Otro ejemplo. En Vértigo (1958), Midge, la mejor amiga del protagonista, intenta “curarlo” de su pasión al realizar un retrato paródico de su objeto de deseo. Pero el intento le sale mal y Scottie se ofende. Cuando “la artista” queda sola, angustiada toma un pincel y realiza sobre su retrato líneas de bigotes y barba. Acá Hitchcock nos habla de la L. H. O. O. Q., obra de 1919 donde Marcel Duchamp realiza la “transgresión” de pintarle bigotes al retrato de la Gioconda. El maestro nos muestra que esta actitud es una descarga histérica y solitaria, totalmente “modernista” y no moderna, porque se centra en la autonomía de un autor y no en la tradición que custodia saberes de origen.

Teniendo en cuenta esto último, hemos recordado un dibujo animado de la Warner. Intentaremos ahora aplicar algunos puntos de la teoría del Concepto del Cine a esta Melodía Animada, creyendo que hay aquí un rico campo de investigación para futuros análisis. Porque estos animados, estamos seguros, también representan lo mejor del Cine.

Daffy Doodles es un cortometraje animado de 1946, dirigido por Robert McKimson y escrito por Warren Foster. La historia nos cuenta que en una ciudad hay un demente que se encarga de pintar bigotes a toda figura humana, real o representada, que encuentra.
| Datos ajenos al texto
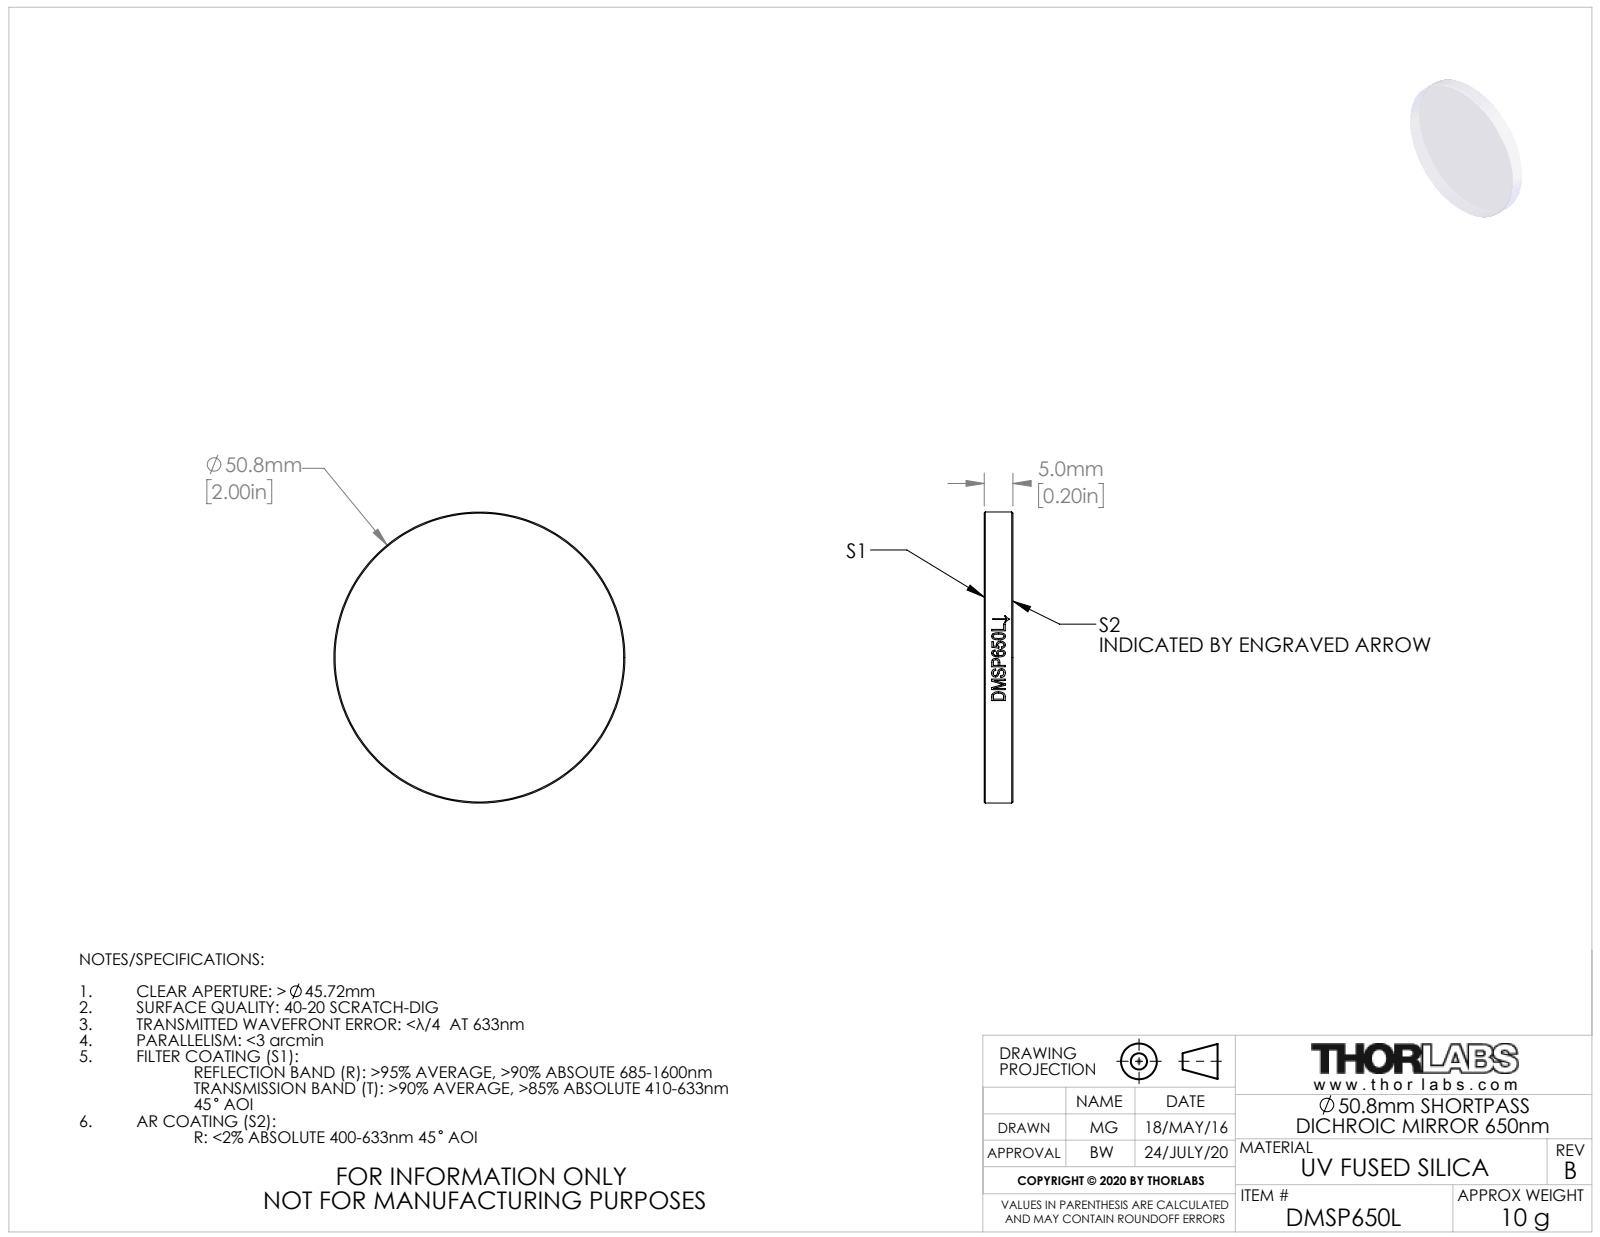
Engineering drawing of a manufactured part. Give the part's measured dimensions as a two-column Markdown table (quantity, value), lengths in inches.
| quantity | value |
| --- | --- |
| part name | TTN045169-E0W |
| STEP written by | SolidWorks 2018 (CONFIG_CONTROL_DESIGN) |
| units | inches |
| bodies | 1 solid, 21 faces (2 planar, 15 cylindrical, 4 other) |
| overall size | 2 × 2 × 0.197 |
| volume | 0.618 in³ |
| surface area | 7.462 in² |
| round bosses / shafts (diameter × count) | 2 × 1 |
| main face-to-face distances | 0.197 |
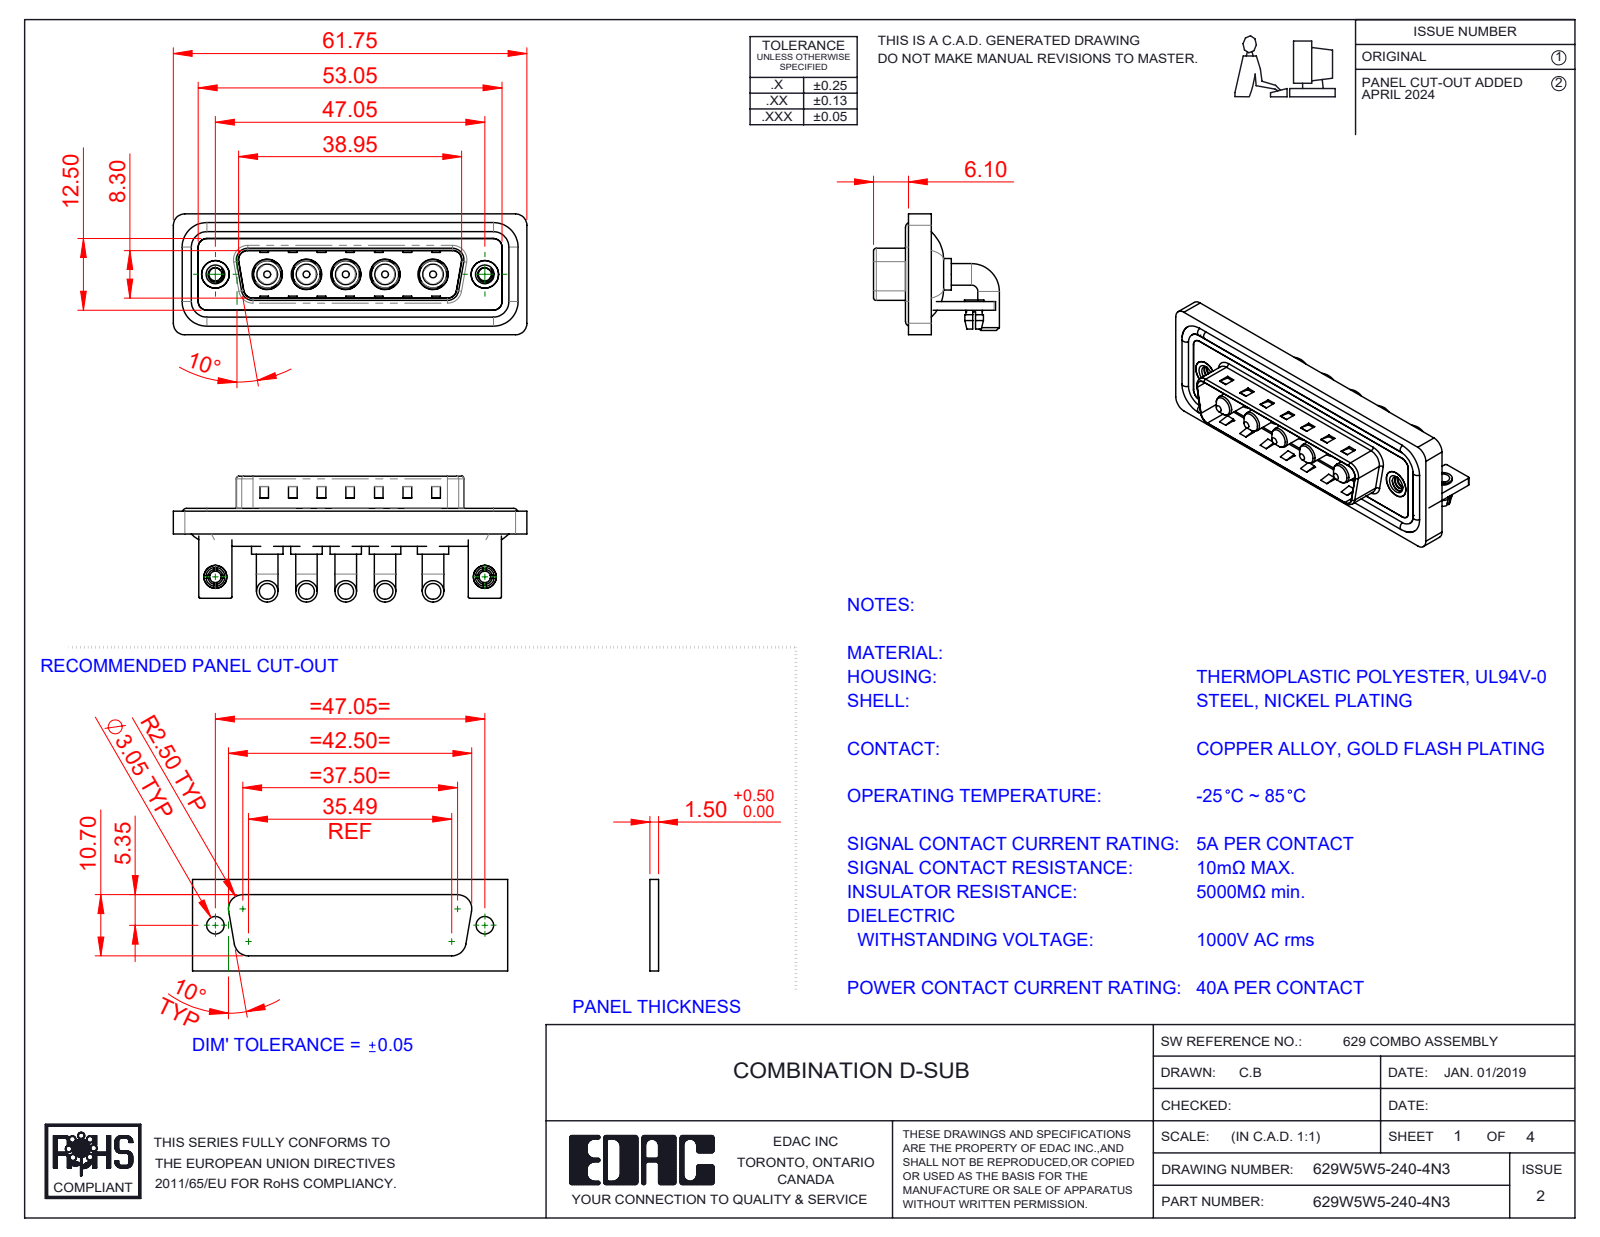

Este demente es el Pato Lucas. Un policía, nuestro bien amado Porky, es el encargado de detener al culpable y devolver la paz social.

Es interesante que el animado se desarrolla a partir de una enunciación que utiliza como recursos una voz narradora irónica, el humor de farsa, los aparte a público y lo gestual. Estos procedimientos de humor están hechos para que el espectador comprenda que hay una distancia que debe tomar con el material. Una distancia que le permitirá no contactarse sentimentalmente con el hecho si no de manera crítica. El espectador debe entonces comprender el verdadero sentido enunciado detrás de la historia, comprender la postura ética de los autores ante el mundo que han creado.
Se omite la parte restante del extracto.